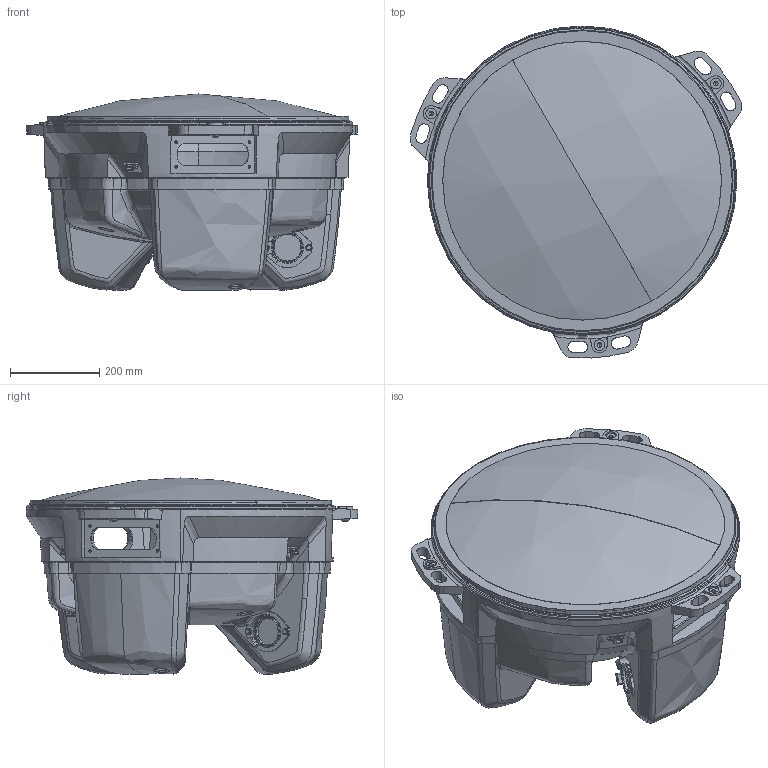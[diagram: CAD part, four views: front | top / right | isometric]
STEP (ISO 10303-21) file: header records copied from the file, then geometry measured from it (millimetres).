
FILE_DESCRIPTION (( 'STEP AP214' ), '1' );
FILE_NAME ('IRB360_X-1130-WDS-4D_rev03_BASE_CAD.STEP', '2024-01-15T12:05:43', ( '' ), ( '' ), 'SwSTEP 2.0', 'SolidWorks 2022', '' );
FILE_SCHEMA (( 'AUTOMOTIVE_DESIGN' ));
Length unit declared in the file: millimetre
Products named in the file (3): IRB360_X-1130-WDS-4D_rev03_BASE_CAD; IRB360_X-1130-WDS-4D_rev03_BASE_CAD 1
Assembly tree (2 placements, depth 2):
  IRB360_X-1130-WDS-4D_rev03_BASE_CAD
    IRB360_X-1130-WDS-4D_rev03_BASE_CAD 1
    IRB360_X-1130-WDS-4D_rev03_BASE_CAD
Bounding box: 742.55 x 743.32 x 438.99 mm (x, y, z)
Volume: 54954801.2 mm3; surface area: 3652875.7 mm2
Topology: 43 solids, 43 shells, 2312 faces, 5561 edges, 3375 vertices
Faces by surface type: bspline 614, cylinder 506, plane 473, cone 461, torus 248, sphere 10
Entity records: 129429 total; most frequent: CARTESIAN_POINT 79242, ORIENTED_EDGE 11032, DIRECTION 9476, EDGE_CURVE 5516, AXIS2_PLACEMENT_3D 4001, VERTEX_POINT 3375, EDGE_LOOP 2511, ADVANCED_FACE 2312

__________

[What needs to be done]: Your answer should contain all the material above, written out exactly, and none of the pictures.

[Problem solution]:
[diagram: CAD part, four views: front | top / right | isometric]
STEP (ISO 10303-21) file: header records copied from the file, then geometry measured from it (millimetres).
FILE_DESCRIPTION (( 'STEP AP214' ), '1' );
FILE_NAME ('IRB360_X-1130-WDS-4D_rev03_BASE_CAD.STEP', '2024-01-15T12:05:43', ( '' ), ( '' ), 'SwSTEP 2.0', 'SolidWorks 2022', '' );
FILE_SCHEMA (( 'AUTOMOTIVE_DESIGN' ));
Length unit declared in the file: millimetre
Products named in the file (3): IRB360_X-1130-WDS-4D_rev03_BASE_CAD; IRB360_X-1130-WDS-4D_rev03_BASE_CAD 1
Assembly tree (2 placements, depth 2):
  IRB360_X-1130-WDS-4D_rev03_BASE_CAD
    IRB360_X-1130-WDS-4D_rev03_BASE_CAD 1
    IRB360_X-1130-WDS-4D_rev03_BASE_CAD
Bounding box: 742.55 x 743.32 x 438.99 mm (x, y, z)
Volume: 54954801.2 mm3; surface area: 3652875.7 mm2
Topology: 43 solids, 43 shells, 2312 faces, 5561 edges, 3375 vertices
Faces by surface type: bspline 614, cylinder 506, plane 473, cone 461, torus 248, sphere 10
Entity records: 129429 total; most frequent: CARTESIAN_POINT 79242, ORIENTED_EDGE 11032, DIRECTION 9476, EDGE_CURVE 5516, AXIS2_PLACEMENT_3D 4001, VERTEX_POINT 3375, EDGE_LOOP 2511, ADVANCED_FACE 2312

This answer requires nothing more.